Qiu Z, Nicoll D A, Philipson K D
Department of Physiology, UCLA School of Medicine, Los Angeles, California 90095-1760, USA.
J Biol Chem. 2001 Jan 5;276(1):194-9. doi: 10.1074/jbc.M005571200.

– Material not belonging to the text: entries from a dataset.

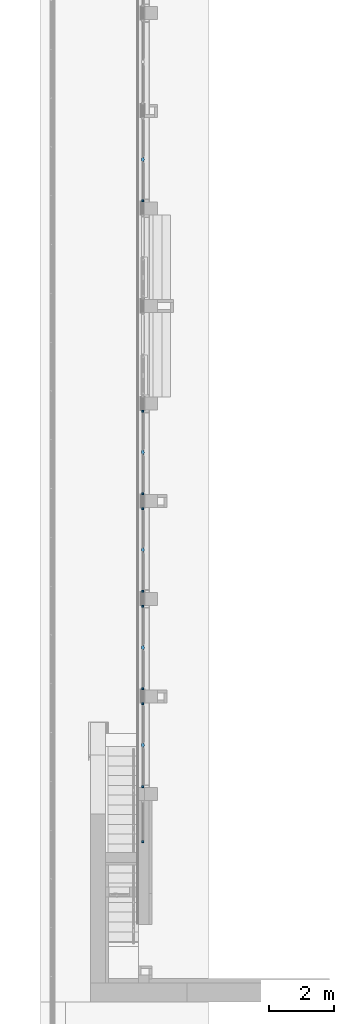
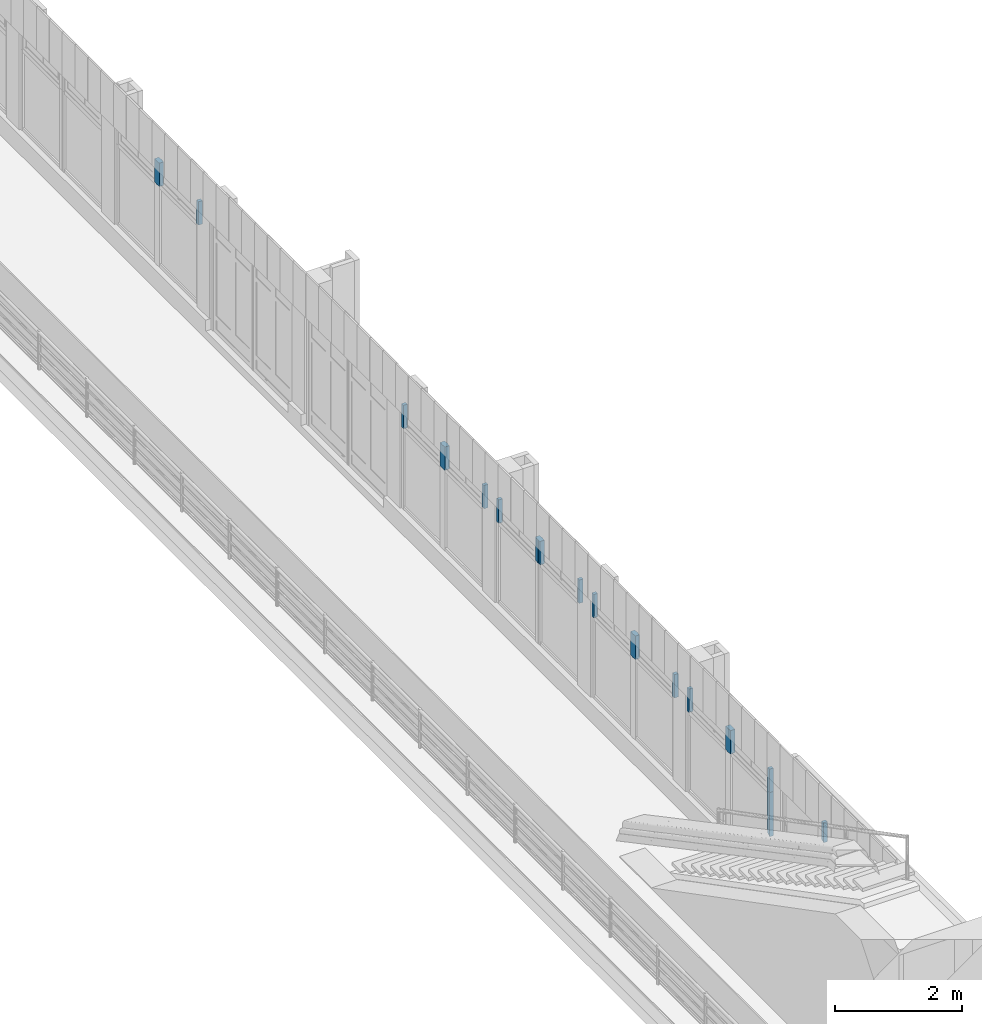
# One storey, part 5 of 16: 16 members, 6 elements without a shape of their own.
"""IFC2X3 building model written with IfcOpenShell, lengths in millimetres."""

from ifc_helpers import new_model, entity, si_unit, converted_unit, derived_unit, direction, frame, frame_2d, origin, place, context, subcontext, project, spatial, polyline, rectangle, outline, extrude, source, transform, mapped, material, type_object, type_shapes, element, aggregate, save


model = new_model("IFC2X3")

# Units and contexts
model_context = context("Model", 3, precision=0.01, world=origin(), true_north=direction((6.123031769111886e-17, 1.0)))
body_context = subcontext(model_context, "Body", "Model", "MODEL_VIEW")
ifc_project = project(units=[si_unit("LENGTHUNIT", "METRE", prefix="MILLI"), si_unit("AREAUNIT", "SQUARE_METRE"), si_unit("VOLUMEUNIT", "CUBIC_METRE"), converted_unit("PLANEANGLEUNIT", "DEGREE", entity("IfcPlaneAngleMeasure", 0.017453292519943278), si_unit("PLANEANGLEUNIT", "RADIAN"), dimensions=[0, 0, 0, 0, 0, 0, 0]), si_unit("MASSUNIT", "GRAM", prefix="KILO"), derived_unit("MASSDENSITYUNIT", [(si_unit("MASSUNIT", "GRAM", prefix="KILO"), 1), (si_unit("LENGTHUNIT", "METRE"), -3)]), derived_unit("IONCONCENTRATIONUNIT", [(si_unit("MASSUNIT", "GRAM", prefix="KILO"), 1), (si_unit("LENGTHUNIT", "METRE"), -3)]), derived_unit("MOMENTOFINERTIAUNIT", [(si_unit("LENGTHUNIT", "METRE"), 4)]), si_unit("TIMEUNIT", "SECOND"), si_unit("FREQUENCYUNIT", "HERTZ"), si_unit("THERMODYNAMICTEMPERATUREUNIT", "DEGREE_CELSIUS"), derived_unit("THERMALTRANSMITTANCEUNIT", [(si_unit("MASSUNIT", "GRAM", prefix="KILO"), 1), (si_unit("THERMODYNAMICTEMPERATUREUNIT", "KELVIN"), -1), (si_unit("TIMEUNIT", "SECOND"), -3)]), derived_unit("THERMALCONDUCTANCEUNIT", [(si_unit("MASSUNIT", "GRAM", prefix="KILO"), 1), (si_unit("THERMODYNAMICTEMPERATUREUNIT", "KELVIN"), -1), (si_unit("TIMEUNIT", "SECOND"), -3), (si_unit("LENGTHUNIT", "METRE"), 1)]), derived_unit("VOLUMETRICFLOWRATEUNIT", [(si_unit("LENGTHUNIT", "METRE", prefix="DECI"), 3), (si_unit("TIMEUNIT", "SECOND"), -1)]), derived_unit("MASSFLOWRATEUNIT", [(si_unit("MASSUNIT", "GRAM", prefix="KILO"), 1), (si_unit("TIMEUNIT", "SECOND"), -1)]), derived_unit("ROTATIONALFREQUENCYUNIT", [(si_unit("TIMEUNIT", "SECOND"), -1)]), si_unit("ELECTRICCURRENTUNIT", "AMPERE"), si_unit("ELECTRICVOLTAGEUNIT", "VOLT"), si_unit("POWERUNIT", "WATT"), si_unit("FORCEUNIT", "NEWTON", prefix="KILO"), si_unit("ILLUMINANCEUNIT", "LUX"), si_unit("LUMINOUSFLUXUNIT", "LUMEN"), si_unit("LUMINOUSINTENSITYUNIT", "CANDELA"), si_unit("ENERGYUNIT", "JOULE"), derived_unit("USERDEFINED", [(si_unit("MASSUNIT", "GRAM", prefix="KILO"), -1), (si_unit("LENGTHUNIT", "METRE"), -2), (si_unit("TIMEUNIT", "SECOND"), 3), (si_unit("LUMINOUSFLUXUNIT", "LUMEN"), 1)]), derived_unit("USERDEFINED", [(si_unit("MASSUNIT", "GRAM", prefix="KILO"), 1), (si_unit("TIMEUNIT", "SECOND"), -3), (si_unit("LENGTHUNIT", "METRE"), 3), (si_unit("ELECTRICCURRENTUNIT", "AMPERE"), -2)]), derived_unit("SOUNDPOWERUNIT", [(si_unit("MASSUNIT", "GRAM", prefix="KILO"), 1), (si_unit("TIMEUNIT", "SECOND"), -3), (si_unit("LENGTHUNIT", "METRE"), 2)]), derived_unit("SOUNDPRESSUREUNIT", [(si_unit("MASSUNIT", "GRAM", prefix="KILO"), 1), (si_unit("LENGTHUNIT", "METRE"), -1), (si_unit("TIMEUNIT", "SECOND"), -2)]), derived_unit("LINEARVELOCITYUNIT", [(si_unit("LENGTHUNIT", "METRE"), 1), (si_unit("TIMEUNIT", "SECOND"), -1)]), si_unit("PRESSUREUNIT", "PASCAL"), derived_unit("USERDEFINED", [(si_unit("MASSUNIT", "GRAM", prefix="KILO"), 1), (si_unit("LENGTHUNIT", "METRE"), -2), (si_unit("TIMEUNIT", "SECOND"), -2)]), derived_unit("LINEARFORCEUNIT", [(si_unit("MASSUNIT", "GRAM", prefix="KILO"), 1), (si_unit("TIMEUNIT", "SECOND"), -2)]), derived_unit("PLANARFORCEUNIT", [(si_unit("MASSUNIT", "GRAM", prefix="KILO"), 1), (si_unit("LENGTHUNIT", "METRE"), -1), (si_unit("TIMEUNIT", "SECOND"), -2)]), derived_unit("SPECIFICHEATCAPACITYUNIT", [(si_unit("THERMODYNAMICTEMPERATUREUNIT", "KELVIN"), -1), (si_unit("LENGTHUNIT", "METRE"), 2), (si_unit("TIMEUNIT", "SECOND"), -2)]), derived_unit("HEATFLUXDENSITYUNIT", [(si_unit("MASSUNIT", "GRAM", prefix="KILO"), 1), (si_unit("TIMEUNIT", "SECOND"), -3)]), derived_unit("HEATINGVALUEUNIT", [(si_unit("LENGTHUNIT", "METRE"), 2), (si_unit("TIMEUNIT", "SECOND"), -2)]), derived_unit("VAPORPERMEABILITYUNIT", [(si_unit("LENGTHUNIT", "METRE"), -1), (si_unit("TIMEUNIT", "SECOND"), 1)]), derived_unit("DYNAMICVISCOSITYUNIT", [(si_unit("MASSUNIT", "GRAM", prefix="KILO"), 1), (si_unit("TIMEUNIT", "SECOND"), -1), (si_unit("LENGTHUNIT", "METRE"), -1)]), derived_unit("THERMALEXPANSIONCOEFFICIENTUNIT", [(si_unit("THERMODYNAMICTEMPERATUREUNIT", "KELVIN"), -1)]), derived_unit("MODULUSOFELASTICITYUNIT", [(si_unit("MASSUNIT", "GRAM", prefix="KILO"), 1), (si_unit("LENGTHUNIT", "METRE"), -1), (si_unit("TIMEUNIT", "SECOND"), -2)]), derived_unit("ISOTHERMALMOISTURECAPACITYUNIT", [(si_unit("MASSUNIT", "GRAM", prefix="KILO"), -1), (si_unit("LENGTHUNIT", "METRE"), 3)]), derived_unit("MOISTUREDIFFUSIVITYUNIT", [(si_unit("TIMEUNIT", "SECOND"), -1), (si_unit("LENGTHUNIT", "METRE"), 2)]), derived_unit("MASSPERLENGTHUNIT", [(si_unit("MASSUNIT", "GRAM", prefix="KILO"), 1), (si_unit("LENGTHUNIT", "METRE"), -1)]), derived_unit("THERMALRESISTANCEUNIT", [(si_unit("MASSUNIT", "GRAM", prefix="KILO"), -1), (si_unit("TIMEUNIT", "SECOND"), 3), (si_unit("THERMODYNAMICTEMPERATUREUNIT", "KELVIN"), 1)]), derived_unit("ACCELERATIONUNIT", [(si_unit("LENGTHUNIT", "METRE"), 1), (si_unit("TIMEUNIT", "SECOND"), -2)]), derived_unit("ANGULARVELOCITYUNIT", [(si_unit("TIMEUNIT", "SECOND"), -1), (si_unit("PLANEANGLEUNIT", "RADIAN"), 1)]), derived_unit("LINEARSTIFFNESSUNIT", [(si_unit("MASSUNIT", "GRAM", prefix="KILO"), 1), (si_unit("TIMEUNIT", "SECOND"), -2)]), derived_unit("WARPINGCONSTANTUNIT", [(si_unit("LENGTHUNIT", "METRE"), 6)]), derived_unit("LINEARMOMENTUNIT", [(si_unit("MASSUNIT", "GRAM", prefix="KILO"), 1), (si_unit("LENGTHUNIT", "METRE"), 1), (si_unit("TIMEUNIT", "SECOND"), -2)]), derived_unit("TORQUEUNIT", [(si_unit("MASSUNIT", "GRAM", prefix="KILO"), 1), (si_unit("LENGTHUNIT", "METRE"), 2), (si_unit("TIMEUNIT", "SECOND"), -2)])], contexts=[model_context])

# Site, building, storey
site_placement = place(None, origin())
site = spatial("IfcSite", under=ifc_project, at=site_placement, Name="Default", CompositionType="ELEMENT")
building_placement = place(site_placement, origin())
building = spatial("IfcBuilding", under=site, at=building_placement, Name="Eesti Rahvusraamatukogu hoone renoveerimise projekteerimistööd", CompositionType="ELEMENT")
storey_placement = place(building_placement, frame((0.0, 0.0, 8250.000000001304)))
storey = spatial("IfcBuildingStorey", under=building, at=storey_placement, Name="3. korrus", CompositionType="ELEMENT", Elevation=8250.000000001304)

# Curtain wall, members
curtain_wall_type_1 = type_object("IfcCurtainWallType", Name="Curtain Wall:A-17", PredefinedType="NOTDEFINED")
curtain_wall_1_placement = place(storey_placement, frame((0.0, 0.0, -8250.000000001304)))
curtain_wall_1 = element("IfcCurtainWall", 1, at=curtain_wall_1_placement, inside=storey, type_object=curtain_wall_type_1, Name="Curtain Wall:A-17", ObjectType="Curtain Wall:A-17")
ifc_material = material(Name="LUMION_dark steel window frames")
member_type_1 = type_object("IfcMemberType", Name="Rectangular Mullion:NEW 150x90mm", PredefinedType="MULLION", material=ifc_material)
shared_shape_1 = source(origin(), body_context, "Body", "SweptSolid", [
    extrude(outline(polyline([(20.0, -40.0), (75.0, -40.0), (75.0, 40.0), (20.0, 40.0), (20.0, 45.0), (-20.0, 45.0), (-20.0, 40.0), (-75.0, 40.0), (-75.0, -40.0), (-20.0, -40.0), (-20.0, -45.0), (20.0, -45.0), (20.0, -40.0)])), frame((0.0, 0.0, -450.0), z_axis=(0.0, 0.0, 1.0), x_axis=(-1.0, 0.0, 0.0)), (0.0, 0.0, 1.0), 449.9999999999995),
])
type_shapes(member_type_1, [shared_shape_1])
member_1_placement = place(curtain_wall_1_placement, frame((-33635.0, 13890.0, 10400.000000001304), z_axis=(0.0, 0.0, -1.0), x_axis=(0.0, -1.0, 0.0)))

In a revised topological model of the cardiac Na(+)-Ca(2+) exchanger, there are nine transmembrane segments (TMSs) and two possible re-entrant loops (Nicoll, D. A., Ottolia, M., Lu, Y., Lu, L., and Philipson, K. D. (1999) J. Biol. Chem. 274, 910-917; Iwamoto, T., Nakamura, T. Y., Pan, Y., Uehara, A., Imanaga, I., and Shigekawa, M. (1999) FEBS Lett. 446, 264-268). The TMSs form two clusters separated by a large intracellular loop between TMS5 and TMS6. We have combined cysteine mutagenesis and oxidative cross-linking to study proximity relationships of TMSs in the exchanger. Pairs of cysteines were reintroduced into a cysteine-less exchanger, one in a TMS in the NH(2)-terminal cluster (TMSs 1-5) and the other in a TMS in the COOH-terminal cluster (TMSs 6-9). The mutant exchanger proteins were expressed in HEK293 cells, and disulfide bond formation between introduced cysteines was analyzed by gel mobility shifts. Western blots showed that S117C/V804C, A122C/Y892C, A151C/T815C, and A151C/A821C mutant proteins migrated at 120 kDa under reducing conditions and displayed a partial mobility shift to 160 kDa under nonreducing conditions. This shift indicates the formation of a disulfide bond between these paired cysteine residues. Copper phenanthroline and the cross-linker N', N'-o-phenylenedimaleimide enhanced the mobility shift to 160 kDa. Our data suggest that TMS7 is close to TMS3 near the intracellular side of the membrane and is in the vicinity of TMS2 near the extracellular surface. Also, TMS2 must adjoin TMS8. This initial packing model of the exchanger brings two functionally important domains in the exchanger, the alpha 1 and alpha 2 repeats, close to each other.
在心脏钠钙交换体的修正拓扑模型中,有九个跨膜片段(TMSs)和两个可能的折返环(尼科尔,D.A.,奥托利亚,M.,陆,Y.,陆,L.,和菲利普森,K.D.(1999年)《生物化学杂志》274卷,910 - 917页;岩本,T.,中村,T.Y.,潘,Y.,上原,A.,今永,I.,和重川,M.(1999年)《欧洲生物化学学会联合会快报》446卷,264 - 268页)。这些跨膜片段形成两个簇,由跨膜片段5和跨膜片段6之间的一个大的细胞内环分隔。我们结合了半胱氨酸诱变和氧化交联来研究交换体中跨膜片段的邻近关系。将半胱氨酸对重新引入无半胱氨酸的交换体中,一个位于氨基末端簇的跨膜片段(跨膜片段1 - 5)中,另一个位于羧基末端簇的跨膜片段(跨膜片段6 - 9)中。突变的交换体蛋白在HEK293细胞中表达,并通过凝胶迁移率变化分析引入的半胱氨酸之间二硫键的形成。蛋白质免疫印迹显示,S117C/V804C、A122C/Y892C、A151C/T815C和A151C/A821C突变蛋白在还原条件下迁移至120 kDa,在非还原条件下部分迁移至160 kDa。这种迁移变化表明这些成对的半胱氨酸残基之间形成了二硫键。邻菲罗啉铜和交联剂N',N'-邻苯二甲酰亚胺增强了迁移至160 kDa的变化。我们的数据表明,跨膜片段7在膜的细胞内侧靠近跨膜片段3,在细胞外侧靠近跨膜片段2。此外,跨膜片段2必须与跨膜片段8相邻。交换体的这种初始堆积模型使交换体中两个功能重要的结构域,即α1和α2重复序列,彼此靠近。